Today, Xebia hobbles agents, curtailing their autonomy and allowing them to carry out only very limited and precise tasks. “That’s the only way to do it right now,” he adds. “Limit the skills they have access to, and have a central controller so they’re not talking to each other. We control it until we have more evolved understanding and feedback loops. This is a pretty new area, so it’s interesting to see how this evolves.”

Building guardrails

According to the cnvrg.io survey, compliance and privacy were top concerns for companies looking to implement gen AI, ahead of reliability, cost, and lack of technical skills.
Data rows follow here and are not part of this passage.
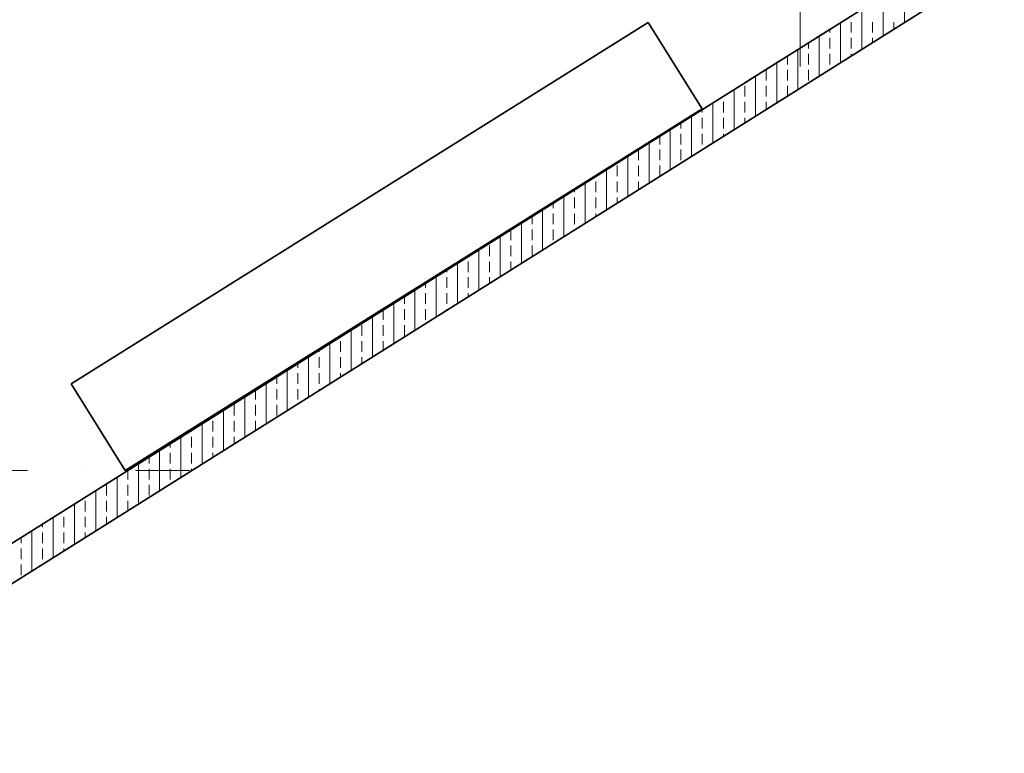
# Model space of a CAD drawing. Header units: metres. Extents: x 10441 to 19716, y -6570 to 1447.
# Tile 15 of 136: x 16577 to 17156, y -6056 to -5625. Entities that reach past the tile are written whole.
import ezdxf
from ezdxf.enums import TextEntityAlignment as Align

# ---------------------------------------------------------------- set-up
doc = ezdxf.new("R2010")
doc.units = ezdxf.units.M
doc.header["$MEASUREMENT"] = 0
doc.linetypes.add('8', pattern=[0.5, 0.25, -0.25])
doc.linetypes.add('DASHDOT', pattern=[25.4, 12.7, -6.35, 0, -6.35])
for name, color, linetype, lineweight in [('#elektryczne', 8, 'Continuous', 20), ('A_B.CIENKIE', 8, 'Continuous', 9), ('A_BUDYNKI', 8, 'Continuous', 13), ('A_HACZE', 8, 'Continuous', 5), ('A_OSIE', 8, 'Continuous', 13), ('A_OZACZENIE DRZWI', 8, 'Continuous', 13), ('A_OZNACZENIA OKIEN', 8, 'Continuous', 13)]:
    doc.layers.add(name, color=color, linetype=linetype, lineweight=lineweight)
doc.styles.add('m1_romans', font='romans.shx', dxfattribs={"width": 0.8})

# ---------------------------------------------------------------- blocks, each defined once
blk = doc.blocks.new('podkład')
at = {"layer": 'A_B.CIENKIE', "color": 8, "linetype": '8', "ltscale": 100}
for p, q in [((11593.49, -4188.5), (12953.49, -3333.65)), ((11573.49, -4224.7), (12973.49, -3344.7))]:
    blk.add_line(p, q, dxfattribs=at)
at = {"layer": 'A_BUDYNKI', "color": 8, "lineweight": 35}
for p, q in [((12239.64, -3782.35), (12973.49, -3321.1)), ((12973.49, -3344.7), (12250.29, -3799.28)), ((12425.23, -3593.86), (12764.18, -3381.46)), ((12764.18, -3381.46), (12796.04, -3432.3)), ((12796.04, -3432.3), (12457.09, -3644.7)), ((12457.09, -3644.7), (12425.23, -3593.86))]:
    blk.add_line(p, q, dxfattribs=at)
at = {"layer": 'A_HACZE', "color": 8, "linetype": 'Continuous'}
for p, q in [((12914.78, -3381.6), (12914.78, -3358)), ((12902.28, -3389.46), (12902.28, -3365.85)), ((12889.78, -3397.32), (12889.78, -3373.71)), ((12877.28, -3405.17), (12877.28, -3381.57)), ((12883.53, -3387.5), (12883.53, -3381.25)), ((12896.03, -3387.5), (12896.03, -3381.25)), ((12908.53, -3385.53), (12908.53, -3381.25)), ((12864.78, -3413.03), (12864.78, -3389.43)), ((12871.03, -3387.5), (12871.03, -3385.5)), ((12858.53, -3396.88), (12858.53, -3393.35)), ((12871.03, -3396.88), (12871.03, -3390.63)), ((12883.53, -3396.88), (12883.53, -3390.63)), ((12896.03, -3393.39), (12896.03, -3390.63)), ((12852.28, -3420.89), (12852.28, -3397.28)), ((12858.53, -3406.25), (12858.53, -3400)), ((12871.03, -3406.25), (12871.03, -3400)), ((12883.53, -3401.24), (12883.53, -3400)), ((12839.78, -3428.74), (12839.78, -3405.14)), ((12846.03, -3406.25), (12846.03, -3401.21)), ((12833.53, -3415.63), (12833.53, -3409.38)), ((12846.03, -3415.63), (12846.03, -3409.38)), ((12858.53, -3415.63), (12858.53, -3409.38)), ((12827.28, -3436.6), (12827.28, -3413)), ((12814.78, -3444.46), (12814.78, -3420.85)), ((12821.03, -3425), (12821.03, -3418.75)), ((12833.53, -3425), (12833.53, -3418.75)), ((12846.03, -3424.82), (12846.03, -3418.75)), ((12802.28, -3452.32), (12802.28, -3428.71)), ((12808.53, -3425), (12808.53, -3424.78)), ((12808.53, -3434.38), (12808.53, -3428.13)), ((12821.03, -3434.38), (12821.03, -3428.13)), ((12833.53, -3432.67), (12833.53, -3428.13)), ((12796.03, -3434.38), (12796.03, -3432.64)), ((12783.53, -3443.75), (12783.53, -3440.49)), ((12789.78, -3460.17), (12789.78, -3436.57)), ((12796.03, -3443.75), (12796.03, -3437.5)), ((12808.53, -3443.75), (12808.53, -3437.5)), ((12821.03, -3440.53), (12821.03, -3437.5)), ((12777.28, -3468.03), (12777.28, -3444.42)), ((12783.53, -3453.13), (12783.53, -3446.88)), ((12796.03, -3453.13), (12796.03, -3446.88)), ((12808.53, -3448.39), (12808.53, -3446.88)), ((12764.78, -3475.89), (12764.78, -3452.28)), ((12771.03, -3453.13), (12771.03, -3448.35)), ((12758.53, -3462.5), (12758.53, -3456.25)), ((12771.03, -3462.5), (12771.03, -3456.25)), ((12783.53, -3462.5), (12783.53, -3456.25)), ((12752.28, -3483.74), (12752.28, -3460.14)), ((12739.78, -3491.6), (12739.78, -3467.99)), ((12746.03, -3471.88), (12746.03, -3465.63)), ((12758.53, -3471.88), (12758.53, -3465.63)), ((12771.03, -3471.88), (12771.03, -3465.63)), ((12727.28, -3499.46), (12727.28, -3475.85)), ((12733.53, -3481.25), (12733.53, -3475)), ((12746.03, -3481.25), (12746.03, -3475)), ((12758.53, -3479.82), (12758.53, -3475)), ((12721.03, -3481.25), (12721.03, -3479.78)), ((12708.53, -3490.63), (12708.53, -3487.64)), ((12714.78, -3507.32), (12714.78, -3483.71)), ((12721.03, -3490.63), (12721.03, -3484.38)), ((12733.53, -3490.63), (12733.53, -3484.38)), ((12746.03, -3487.67), (12746.03, -3484.38)), ((12702.28, -3515.17), (12702.28, -3491.56)), ((12689.78, -3523.03), (12689.78, -3499.42)), ((12696.03, -3500), (12696.03, -3495.49)), ((12708.53, -3500), (12708.53, -3493.75)), ((12721.03, -3500), (12721.03, -3493.75)), ((12733.53, -3495.53), (12733.53, -3493.75)), ((12683.53, -3509.38), (12683.53, -3503.35)), ((12696.03, -3509.38), (12696.03, -3503.13)), ((12708.53, -3509.38), (12708.53, -3503.13)), ((12721.03, -3503.39), (12721.03, -3503.13)), ((12677.28, -3530.89), (12677.28, -3507.28)), ((12664.78, -3538.74), (12664.78, -3515.13)), ((12671.03, -3518.75), (12671.03, -3512.5)), ((12683.53, -3518.75), (12683.53, -3512.5)), ((12696.03, -3518.75), (12696.03, -3512.5)), ((12658.53, -3528.13), (12658.53, -3521.88)), ((12671.03, -3528.13), (12671.03, -3521.88)), ((12683.53, -3526.96), (12683.53, -3521.88)), ((12646.03, -3528.13), (12646.03, -3526.92)), ((12652.28, -3546.6), (12652.28, -3522.99)), ((12639.78, -3554.46), (12639.78, -3530.85)), ((12646.03, -3537.5), (12646.03, -3531.25)), ((12658.53, -3537.5), (12658.53, -3531.25)), ((12671.03, -3534.82), (12671.03, -3531.25)), ((12627.28, -3562.32), (12627.28, -3538.7)), ((12633.53, -3537.5), (12633.53, -3534.78)), ((12621.03, -3546.88), (12621.03, -3542.63)), ((12633.53, -3546.88), (12633.53, -3540.63)), ((12646.03, -3546.88), (12646.03, -3540.63)), ((12658.53, -3542.67), (12658.53, -3540.63)), ((12608.53, -3556.25), (12608.53, -3550.49)), ((12614.78, -3570.17), (12614.78, -3546.56)), ((12621.03, -3556.25), (12621.03, -3550)), ((12633.53, -3556.25), (12633.53, -3550)), ((12646.03, -3550.53), (12646.03, -3550)), ((12602.28, -3578.03), (12602.28, -3554.42)), ((12589.78, -3585.89), (12589.78, -3562.27)), ((12596.03, -3565.63), (12596.03, -3559.38)), ((12608.53, -3565.63), (12608.53, -3559.38)), ((12621.03, -3565.63), (12621.03, -3559.38)), ((12583.53, -3575), (12583.53, -3568.75)), ((12596.03, -3575), (12596.03, -3568.75)), ((12608.53, -3574.1), (12608.53, -3568.75)), ((12571.03, -3575), (12571.03, -3574.06)), ((12577.28, -3593.74), (12577.28, -3570.13)), ((12564.78, -3601.6), (12564.78, -3577.99)), ((12571.03, -3584.38), (12571.03, -3578.13)), ((12583.53, -3584.38), (12583.53, -3578.13)), ((12596.03, -3581.96), (12596.03, -3578.13)), ((12552.28, -3609.46), (12552.28, -3585.85)), ((12558.53, -3584.38), (12558.53, -3581.92)), ((12546.03, -3593.75), (12546.03, -3589.77)), ((12558.53, -3593.75), (12558.53, -3587.5)), ((12571.03, -3593.75), (12571.03, -3587.5)), ((12583.53, -3589.82), (12583.53, -3587.5)), ((12533.53, -3603.13), (12533.53, -3597.63)), ((12539.78, -3617.32), (12539.78, -3593.7)), ((12546.03, -3603.13), (12546.03, -3596.88)), ((12558.53, -3603.13), (12558.53, -3596.88)), ((12571.03, -3597.67), (12571.03, -3596.88)), ((12527.28, -3625.17), (12527.28, -3601.56)), ((12521.03, -3612.5), (12521.03, -3606.25)), ((12533.53, -3612.5), (12533.53, -3606.25)), ((12546.03, -3612.5), (12546.03, -3606.25)), ((12514.78, -3633.03), (12514.78, -3609.42)), ((12502.28, -3640.89), (12502.28, -3617.27)), ((12508.53, -3621.88), (12508.53, -3615.63)), ((12521.03, -3621.88), (12521.03, -3615.63)), ((12533.53, -3621.24), (12533.53, -3615.63)), ((12489.78, -3648.74), (12489.78, -3625.13)), ((12496.03, -3621.88), (12496.03, -3621.2)), ((12496.03, -3631.25), (12496.03, -3625)), ((12508.53, -3631.25), (12508.53, -3625)), ((12521.03, -3629.1), (12521.03, -3625)), ((12483.53, -3631.25), (12483.53, -3629.06)), ((12471.03, -3640.63), (12471.03, -3636.91)), ((12477.28, -3656.6), (12477.28, -3632.99)), ((12483.53, -3640.63), (12483.53, -3634.38)), ((12496.03, -3640.63), (12496.03, -3634.38)), ((12508.53, -3636.96), (12508.53, -3634.38)), ((12464.78, -3664.46), (12464.78, -3640.84)), ((12471.03, -3650), (12471.03, -3643.75)), ((12483.53, -3650), (12483.53, -3643.75)), ((12496.03, -3644.82), (12496.03, -3643.75)), ((12452.28, -3672.32), (12452.28, -3648.7)), ((12458.53, -3650), (12458.53, -3644.77)), ((12446.03, -3659.38), (12446.03, -3653.13)), ((12458.53, -3659.38), (12458.53, -3653.13)), ((12471.03, -3659.38), (12471.03, -3653.13)), ((12439.78, -3680.17), (12439.78, -3656.56)), ((12427.28, -3688.03), (12427.28, -3664.41)), ((12433.53, -3668.75), (12433.53, -3662.5)), ((12446.03, -3668.75), (12446.03, -3662.5)), ((12458.53, -3668.39), (12458.53, -3662.5)), ((12414.78, -3695.89), (12414.78, -3672.27)), ((12421.03, -3668.75), (12421.03, -3668.34)), ((12421.03, -3678.13), (12421.03, -3671.88)), ((12433.53, -3678.13), (12433.53, -3671.88)), ((12446.03, -3676.24), (12446.03, -3671.88)), ((12408.53, -3678.13), (12408.53, -3676.2)), ((12396.03, -3687.5), (12396.03, -3684.05)), ((12402.28, -3703.74), (12402.28, -3680.13)), ((12408.53, -3687.5), (12408.53, -3681.25)), ((12421.03, -3687.5), (12421.03, -3681.25)), ((12433.53, -3684.1), (12433.53, -3681.25)), ((12396.03, -3696.88), (12396.03, -3690.63)), ((12408.53, -3696.88), (12408.53, -3690.63)), ((12421.03, -3691.96), (12421.03, -3690.63)), ((12396.03, -3706.25), (12396.03, -3700))]:
    blk.add_line(p, q, dxfattribs=at)
at = {"layer": 'A_OSIE', "color": 8, "linetype": 'DASHDOT', "ltscale": 5}
for p, q in [((12853.49, -3407.36), (12853.49, -2044.7)), ((11573.49, -3644.7), (12494.75, -3644.7))]:
    blk.add_line(p, q, dxfattribs=at)
at = {"layer": 'A_OZACZENIE DRZWI', "color": 8, "ltscale": 0.1, "style": 'm1_romans', "width": 0.8}
for rotation, p in [(98.48606, (12735.07, -773.13)), (359.99999, (12573.8, -1012.7)), (89.99999, (11565.29, -1150.14)), (89.99999, (11872.29, -1150.14)), (89.99999, (12230.03, -1245.64)), (89.99999, (12385.87, -1249.44)), (89.99999, (11565.29, -1370.89)), (89.99999, (11872.29, -1370.89)), (89.99999, (12230.03, -1370.89)), (89.99999, (12389.3, -1370.89)), (89.99999, (11748.79, -1556.15)), (89.99999, (11986.6, -1556.15)), (89.99999, (12389.3, -1556.15)), (359.99999, (12235.05, -1664.2)), (359.99999, (12235.05, -1880.2)), (89.99999, (11745.78, -2001.94))]:
    blk.add_attdef('SZEROKOSC', text='', height=10, rotation=rotation, dxfattribs=at).set_placement(p, align=Align.BOTTOM_CENTER)
for rotation, p in [(98.48606, (12738.56, -773.47)), (359.99999, (12572.95, -1016.09)), (89.99999, (11568.68, -1150.99)), (89.99999, (11875.68, -1150.99)), (89.99999, (12233.42, -1246.49)), (89.99999, (12389.27, -1250.29)), (89.99999, (11568.68, -1371.74)), (89.99999, (11875.68, -1371.74)), (89.99999, (12233.42, -1371.74)), (89.99999, (12392.69, -1371.74)), (89.99999, (11752.19, -1557)), (89.99999, (11990, -1557)), (89.99999, (12392.69, -1557)), (359.99999, (12234.2, -1667.59)), (359.99999, (12234.2, -1883.59)), (89.99999, (11749.18, -2002.79))]:
    blk.add_attdef('WYSOKOSC', text='', height=10, rotation=rotation, dxfattribs=at).set_placement(p, align=Align.TOP_CENTER)
at = {"layer": 'A_OZNACZENIA OKIEN', "color": 8, "ltscale": 0.1, "style": 'm1_romans', "width": 0.8}
for rotation, p in [(278.86761, (13373.71, -593.04)), (278.86761, (12983.87, -650.74)), (278.86761, (12445.73, -730.4)), (278.86761, (12224.15, -763.19)), (0.00001, (14017.48, -900.03)), (278.86761, (11021.54, -941.2)), (278.86761, (10640.69, -997.57)), (0.00001, (14017.48, -1574.7)), (89.99999, (10819.6, -2080.7)), (89.99999, (11204.6, -2080.7)), (89.99999, (11970.6, -2080.7)), (89.99999, (13175.8, -2080.7)), (89.99999, (13539.8, -2080.7))]:
    blk.add_attdef('SZEROKOSC', text='', height=10, rotation=rotation, dxfattribs=at).set_placement(p, align=Align.BOTTOM_CENTER)
for rotation, p in [(278.86761, (13403.28, -587.56)), (278.86761, (13013.44, -645.27)), (278.86761, (12475.3, -724.92)), (278.86761, (12253.72, -757.72)), (278.86761, (11051.11, -935.72)), (0.00001, (14011.09, -903.42)), (278.86761, (10670.26, -992.09)), (0.00001, (14011.09, -1578.09)), (89.99999, (10823, -2081.55)), (89.99999, (11208, -2081.55)), (89.99999, (11974, -2081.55)), (89.99999, (13179.19, -2081.55)), (89.99999, (13543.19, -2081.55))]:
    blk.add_attdef('WYSOKOSC', text='', height=10, rotation=rotation, dxfattribs=at).set_placement(p, align=Align.TOP_CENTER)

msp = doc.modelspace()

# ---------------------------------------------------------------- block references
at = {"layer": '#elektryczne', "color": 8, "linetype": 'Continuous', "lineweight": 18}
msp.add_blockref('podkład', (4182.37, -2244.78), dxfattribs=at)

doc.saveas('drawing.dxf')

Similarly, in the IBM survey, for companies not implementing gen AI, data privacy was cited as the barrier by 57% of respondents, and transparency by 43%. In addition, 85% of all respondents said consumers would be more likely to pick companies with transparent and ethical AI practices, but fewer than half are working toward reducing bias, tracking data provenance, working on making AI explainable, or developing ethical AI policies.

It’s easy for technologists to focus on technical solutions. Ethical AI goes beyond the technology to include legal and compliance perspectives, and issues of corporate values and identity. So this is an area where CIOs or chief AI officers can step up and help guide the larger organizations.

And it goes even further than that. Setting up gen AI-friendly data infrastructures, security and management controls, and ethical guide rails can be the first step on the journey to fully operationalize LLMs.

Gen AI will require CIOs to rethink technology, says Matt Barrington, EY Americas emerging technologies leader. Prior to gen AI, software was deterministic, he says.

“You’d design, build, test, and iterate until the software behaved as expected,” he says. “If it didn’t, it was a bug, and you’d go back and fix it. And if it did, you’d deploy it into production.” All the large compute stacks, regardless of software pattern, were deterministic. Now, other than quantum computing, gen AI is the first broadly known non-deterministic software pattern, he says. “The bug is actually the feature. The fact it can generate things on its own is the main selling point.”

That doesn’t mean the old stuff should all be thrown out. MLOps and Pytorch are still important, he says, as is knowing when to do a RAG embedding model, a DAG, or go multi-modal, as well as getting data ready for gen AI.

“All those things will remain and be important,” he says. “But you’ll have the emergence of a new non-deterministic platform stack that’ll sit alongside the traditional stack with a whole new area of infrastructure engineering and ops that will emerge to support those capabilities.”

This will change how businesses operate at a core level, and moving in this direction to become a truly AI-powered enterprise will be a fast-paced shift, he says. “Watching this emerge will be very cool,” he says.